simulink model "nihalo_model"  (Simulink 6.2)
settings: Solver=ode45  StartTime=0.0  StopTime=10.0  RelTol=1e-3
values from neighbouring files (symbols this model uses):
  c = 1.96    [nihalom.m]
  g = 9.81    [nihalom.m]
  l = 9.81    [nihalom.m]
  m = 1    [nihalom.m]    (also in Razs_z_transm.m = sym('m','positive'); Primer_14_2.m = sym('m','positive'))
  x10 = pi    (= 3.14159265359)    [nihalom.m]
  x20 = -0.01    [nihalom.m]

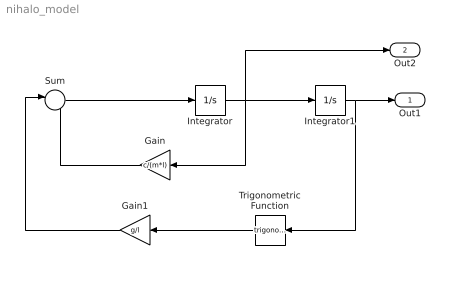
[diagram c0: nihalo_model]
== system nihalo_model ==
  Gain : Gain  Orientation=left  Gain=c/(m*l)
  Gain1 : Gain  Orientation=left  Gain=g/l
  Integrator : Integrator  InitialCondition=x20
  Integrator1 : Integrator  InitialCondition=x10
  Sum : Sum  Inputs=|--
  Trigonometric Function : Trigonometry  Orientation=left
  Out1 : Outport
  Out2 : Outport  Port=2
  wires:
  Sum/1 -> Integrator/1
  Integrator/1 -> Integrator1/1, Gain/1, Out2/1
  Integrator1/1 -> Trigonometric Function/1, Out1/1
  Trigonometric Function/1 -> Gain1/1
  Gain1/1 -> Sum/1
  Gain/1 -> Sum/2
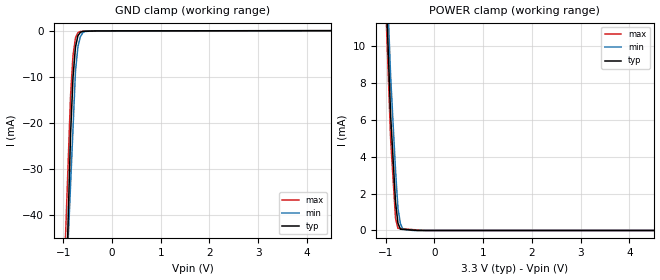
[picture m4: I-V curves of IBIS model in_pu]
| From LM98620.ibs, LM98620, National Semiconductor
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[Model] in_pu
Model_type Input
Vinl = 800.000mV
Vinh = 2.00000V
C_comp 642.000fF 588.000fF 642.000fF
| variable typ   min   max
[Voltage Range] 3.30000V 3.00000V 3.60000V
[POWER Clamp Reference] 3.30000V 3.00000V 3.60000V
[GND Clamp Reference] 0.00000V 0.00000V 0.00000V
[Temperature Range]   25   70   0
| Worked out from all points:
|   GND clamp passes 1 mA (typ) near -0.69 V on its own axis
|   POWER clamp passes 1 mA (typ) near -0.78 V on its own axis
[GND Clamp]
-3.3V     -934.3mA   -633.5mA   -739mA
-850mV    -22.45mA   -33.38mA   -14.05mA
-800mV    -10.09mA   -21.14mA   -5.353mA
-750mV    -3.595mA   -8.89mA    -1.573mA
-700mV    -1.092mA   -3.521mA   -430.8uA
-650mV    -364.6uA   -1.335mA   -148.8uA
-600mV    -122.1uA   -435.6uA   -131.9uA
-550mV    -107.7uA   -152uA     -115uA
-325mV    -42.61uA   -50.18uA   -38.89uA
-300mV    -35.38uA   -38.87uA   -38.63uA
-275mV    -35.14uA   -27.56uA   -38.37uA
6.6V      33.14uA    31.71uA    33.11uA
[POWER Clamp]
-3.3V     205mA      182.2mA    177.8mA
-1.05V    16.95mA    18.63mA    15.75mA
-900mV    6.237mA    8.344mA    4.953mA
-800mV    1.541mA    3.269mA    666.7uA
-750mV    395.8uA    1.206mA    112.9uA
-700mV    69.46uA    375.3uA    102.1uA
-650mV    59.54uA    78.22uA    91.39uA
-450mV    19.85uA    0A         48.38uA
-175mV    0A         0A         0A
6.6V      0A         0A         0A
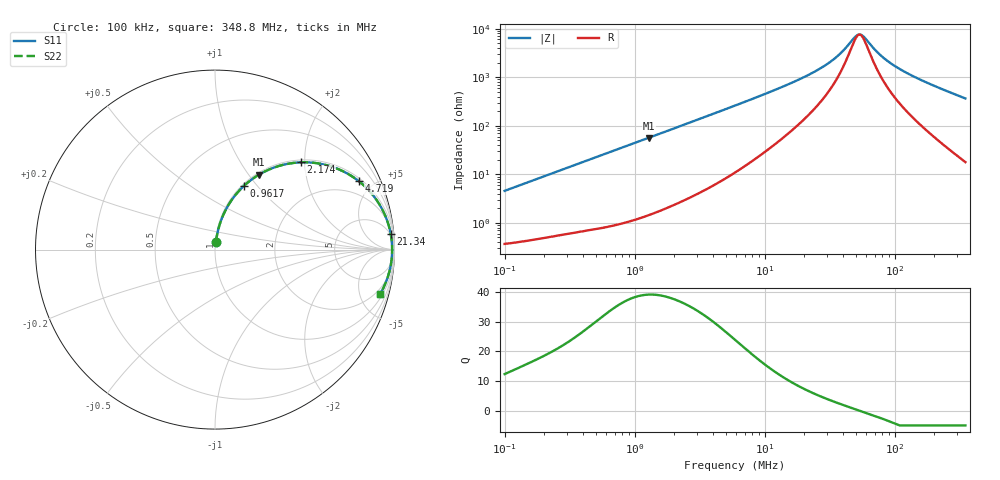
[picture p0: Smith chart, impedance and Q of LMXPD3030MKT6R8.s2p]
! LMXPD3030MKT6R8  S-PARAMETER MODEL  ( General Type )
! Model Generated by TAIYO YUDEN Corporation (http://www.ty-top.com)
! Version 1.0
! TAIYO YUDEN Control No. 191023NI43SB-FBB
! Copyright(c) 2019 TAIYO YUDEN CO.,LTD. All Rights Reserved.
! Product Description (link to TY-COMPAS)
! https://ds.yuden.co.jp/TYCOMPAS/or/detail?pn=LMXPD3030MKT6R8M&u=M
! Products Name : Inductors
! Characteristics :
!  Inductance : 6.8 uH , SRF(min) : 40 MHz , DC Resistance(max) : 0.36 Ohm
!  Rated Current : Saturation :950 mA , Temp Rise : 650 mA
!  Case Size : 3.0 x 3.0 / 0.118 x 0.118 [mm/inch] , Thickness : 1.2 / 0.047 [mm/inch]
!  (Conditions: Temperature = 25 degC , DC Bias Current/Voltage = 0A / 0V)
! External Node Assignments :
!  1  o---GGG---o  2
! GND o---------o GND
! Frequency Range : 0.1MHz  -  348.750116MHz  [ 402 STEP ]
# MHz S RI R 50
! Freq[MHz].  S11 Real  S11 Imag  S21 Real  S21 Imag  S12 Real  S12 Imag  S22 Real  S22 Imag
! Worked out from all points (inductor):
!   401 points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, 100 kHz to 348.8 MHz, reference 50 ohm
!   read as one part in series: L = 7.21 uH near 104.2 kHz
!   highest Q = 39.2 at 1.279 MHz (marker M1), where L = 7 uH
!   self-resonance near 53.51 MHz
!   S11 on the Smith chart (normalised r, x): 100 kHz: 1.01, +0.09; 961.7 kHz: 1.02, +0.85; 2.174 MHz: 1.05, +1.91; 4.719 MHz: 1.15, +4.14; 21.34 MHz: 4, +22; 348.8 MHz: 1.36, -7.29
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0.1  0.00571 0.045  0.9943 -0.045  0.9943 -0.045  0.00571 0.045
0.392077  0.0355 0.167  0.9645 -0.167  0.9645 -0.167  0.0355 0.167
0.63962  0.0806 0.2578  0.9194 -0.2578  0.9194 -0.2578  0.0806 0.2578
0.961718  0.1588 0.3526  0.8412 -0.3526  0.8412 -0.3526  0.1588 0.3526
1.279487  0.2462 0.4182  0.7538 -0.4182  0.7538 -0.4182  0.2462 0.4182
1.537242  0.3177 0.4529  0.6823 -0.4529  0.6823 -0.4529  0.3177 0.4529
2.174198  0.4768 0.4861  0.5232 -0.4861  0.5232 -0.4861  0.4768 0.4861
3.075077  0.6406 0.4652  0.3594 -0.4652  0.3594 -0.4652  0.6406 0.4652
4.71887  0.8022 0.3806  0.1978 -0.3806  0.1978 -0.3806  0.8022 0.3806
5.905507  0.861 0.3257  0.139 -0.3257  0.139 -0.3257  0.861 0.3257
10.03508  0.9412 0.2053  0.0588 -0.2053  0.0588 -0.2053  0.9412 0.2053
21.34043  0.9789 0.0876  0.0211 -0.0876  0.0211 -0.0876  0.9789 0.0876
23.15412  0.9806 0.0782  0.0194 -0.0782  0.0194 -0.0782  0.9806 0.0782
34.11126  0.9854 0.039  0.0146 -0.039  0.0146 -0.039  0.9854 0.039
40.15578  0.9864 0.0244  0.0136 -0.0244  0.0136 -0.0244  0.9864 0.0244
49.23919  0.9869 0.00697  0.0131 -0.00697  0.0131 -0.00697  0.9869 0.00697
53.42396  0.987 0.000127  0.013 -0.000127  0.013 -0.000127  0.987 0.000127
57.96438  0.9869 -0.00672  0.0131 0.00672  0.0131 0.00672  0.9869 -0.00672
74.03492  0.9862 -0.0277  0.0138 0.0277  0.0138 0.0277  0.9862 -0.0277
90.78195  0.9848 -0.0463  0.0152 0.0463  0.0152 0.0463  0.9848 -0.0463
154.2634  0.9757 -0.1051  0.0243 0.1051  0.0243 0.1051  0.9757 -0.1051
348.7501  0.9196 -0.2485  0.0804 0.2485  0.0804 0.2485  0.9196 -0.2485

* [Work item]: Word for word, copy all the entries above, but with no pictures.

* [Exercise answer]:
simulink model "nihalo_model"  (Simulink 6.2)
settings: Solver=ode45  StartTime=0.0  StopTime=10.0  RelTol=1e-3
values from neighbouring files (symbols this model uses):
  c = 1.96    [nihalom.m]
  g = 9.81    [nihalom.m]
  l = 9.81    [nihalom.m]
  m = 1    [nihalom.m]    (also in Razs_z_transm.m = sym('m','positive'); Primer_14_2.m = sym('m','positive'))
  x10 = pi    (= 3.14159265359)    [nihalom.m]
  x20 = -0.01    [nihalom.m]

[diagram c0: nihalo_model]
== system nihalo_model ==
  Gain : Gain  Orientation=left  Gain=c/(m*l)
  Gain1 : Gain  Orientation=left  Gain=g/l
  Integrator : Integrator  InitialCondition=x20
  Integrator1 : Integrator  InitialCondition=x10
  Sum : Sum  Inputs=|--
  Trigonometric Function : Trigonometry  Orientation=left
  Out1 : Outport
  Out2 : Outport  Port=2
  wires:
  Sum/1 -> Integrator/1
  Integrator/1 -> Integrator1/1, Gain/1, Out2/1
  Integrator1/1 -> Trigonometric Function/1, Out1/1
  Trigonometric Function/1 -> Gain1/1
  Gain1/1 -> Sum/1
  Gain/1 -> Sum/2
[picture m4: I-V curves of IBIS model in_pu]
| From LM98620.ibs, LM98620, National Semiconductor
[Model] in_pu
Model_type Input
Vinl = 800.000mV
Vinh = 2.00000V
C_comp 642.000fF 588.000fF 642.000fF
| variable typ   min   max
[Voltage Range] 3.30000V 3.00000V 3.60000V
[POWER Clamp Reference] 3.30000V 3.00000V 3.60000V
[GND Clamp Reference] 0.00000V 0.00000V 0.00000V
[Temperature Range]   25   70   0
| Worked out from all points:
|   GND clamp passes 1 mA (typ) near -0.69 V on its own axis
|   POWER clamp passes 1 mA (typ) near -0.78 V on its own axis
[GND Clamp]
-3.3V     -934.3mA   -633.5mA   -739mA
-850mV    -22.45mA   -33.38mA   -14.05mA
-800mV    -10.09mA   -21.14mA   -5.353mA
-750mV    -3.595mA   -8.89mA    -1.573mA
-700mV    -1.092mA   -3.521mA   -430.8uA
-650mV    -364.6uA   -1.335mA   -148.8uA
-600mV    -122.1uA   -435.6uA   -131.9uA
-550mV    -107.7uA   -152uA     -115uA
-325mV    -42.61uA   -50.18uA   -38.89uA
-300mV    -35.38uA   -38.87uA   -38.63uA
-275mV    -35.14uA   -27.56uA   -38.37uA
6.6V      33.14uA    31.71uA    33.11uA
[POWER Clamp]
-3.3V     205mA      182.2mA    177.8mA
-1.05V    16.95mA    18.63mA    15.75mA
-900mV    6.237mA    8.344mA    4.953mA
-800mV    1.541mA    3.269mA    666.7uA
-750mV    395.8uA    1.206mA    112.9uA
-700mV    69.46uA    375.3uA    102.1uA
-650mV    59.54uA    78.22uA    91.39uA
-450mV    19.85uA    0A         48.38uA
-175mV    0A         0A         0A
6.6V      0A         0A         0A
[picture p0: Smith chart, impedance and Q of LMXPD3030MKT6R8.s2p]
! LMXPD3030MKT6R8  S-PARAMETER MODEL  ( General Type )
! Model Generated by TAIYO YUDEN Corporation (http://www.ty-top.com)
! Version 1.0
! TAIYO YUDEN Control No. 191023NI43SB-FBB
! Copyright(c) 2019 TAIYO YUDEN CO.,LTD. All Rights Reserved.
! Product Description (link to TY-COMPAS)
! https://ds.yuden.co.jp/TYCOMPAS/or/detail?pn=LMXPD3030MKT6R8M&u=M
! Products Name : Inductors
! Characteristics :
!  Inductance : 6.8 uH , SRF(min) : 40 MHz , DC Resistance(max) : 0.36 Ohm
!  Rated Current : Saturation :950 mA , Temp Rise : 650 mA
!  Case Size : 3.0 x 3.0 / 0.118 x 0.118 [mm/inch] , Thickness : 1.2 / 0.047 [mm/inch]
!  (Conditions: Temperature = 25 degC , DC Bias Current/Voltage = 0A / 0V)
! External Node Assignments :
!  1  o---GGG---o  2
! GND o---------o GND
! Frequency Range : 0.1MHz  -  348.750116MHz  [ 402 STEP ]
# MHz S RI R 50
! Freq[MHz].  S11 Real  S11 Imag  S21 Real  S21 Imag  S12 Real  S12 Imag  S22 Real  S22 Imag
! Worked out from all points (inductor):
!   401 points, 100 kHz to 348.8 MHz, reference 50 ohm
!   read as one part in series: L = 7.21 uH near 104.2 kHz
!   highest Q = 39.2 at 1.279 MHz (marker M1), where L = 7 uH
!   self-resonance near 53.51 MHz
!   S11 on the Smith chart (normalised r, x): 100 kHz: 1.01, +0.09; 961.7 kHz: 1.02, +0.85; 2.174 MHz: 1.05, +1.91; 4.719 MHz: 1.15, +4.14; 21.34 MHz: 4, +22; 348.8 MHz: 1.36, -7.29
0.1  0.00571 0.045  0.9943 -0.045  0.9943 -0.045  0.00571 0.045
0.392077  0.0355 0.167  0.9645 -0.167  0.9645 -0.167  0.0355 0.167
0.63962  0.0806 0.2578  0.9194 -0.2578  0.9194 -0.2578  0.0806 0.2578
0.961718  0.1588 0.3526  0.8412 -0.3526  0.8412 -0.3526  0.1588 0.3526
1.279487  0.2462 0.4182  0.7538 -0.4182  0.7538 -0.4182  0.2462 0.4182
1.537242  0.3177 0.4529  0.6823 -0.4529  0.6823 -0.4529  0.3177 0.4529
2.174198  0.4768 0.4861  0.5232 -0.4861  0.5232 -0.4861  0.4768 0.4861
3.075077  0.6406 0.4652  0.3594 -0.4652  0.3594 -0.4652  0.6406 0.4652
4.71887  0.8022 0.3806  0.1978 -0.3806  0.1978 -0.3806  0.8022 0.3806
5.905507  0.861 0.3257  0.139 -0.3257  0.139 -0.3257  0.861 0.3257
10.03508  0.9412 0.2053  0.0588 -0.2053  0.0588 -0.2053  0.9412 0.2053
21.34043  0.9789 0.0876  0.0211 -0.0876  0.0211 -0.0876  0.9789 0.0876
23.15412  0.9806 0.0782  0.0194 -0.0782  0.0194 -0.0782  0.9806 0.0782
34.11126  0.9854 0.039  0.0146 -0.039  0.0146 -0.039  0.9854 0.039
40.15578  0.9864 0.0244  0.0136 -0.0244  0.0136 -0.0244  0.9864 0.0244
49.23919  0.9869 0.00697  0.0131 -0.00697  0.0131 -0.00697  0.9869 0.00697
53.42396  0.987 0.000127  0.013 -0.000127  0.013 -0.000127  0.987 0.000127
57.96438  0.9869 -0.00672  0.0131 0.00672  0.0131 0.00672  0.9869 -0.00672
74.03492  0.9862 -0.0277  0.0138 0.0277  0.0138 0.0277  0.9862 -0.0277
90.78195  0.9848 -0.0463  0.0152 0.0463  0.0152 0.0463  0.9848 -0.0463
154.2634  0.9757 -0.1051  0.0243 0.1051  0.0243 0.1051  0.9757 -0.1051
348.7501  0.9196 -0.2485  0.0804 0.2485  0.0804 0.2485  0.9196 -0.2485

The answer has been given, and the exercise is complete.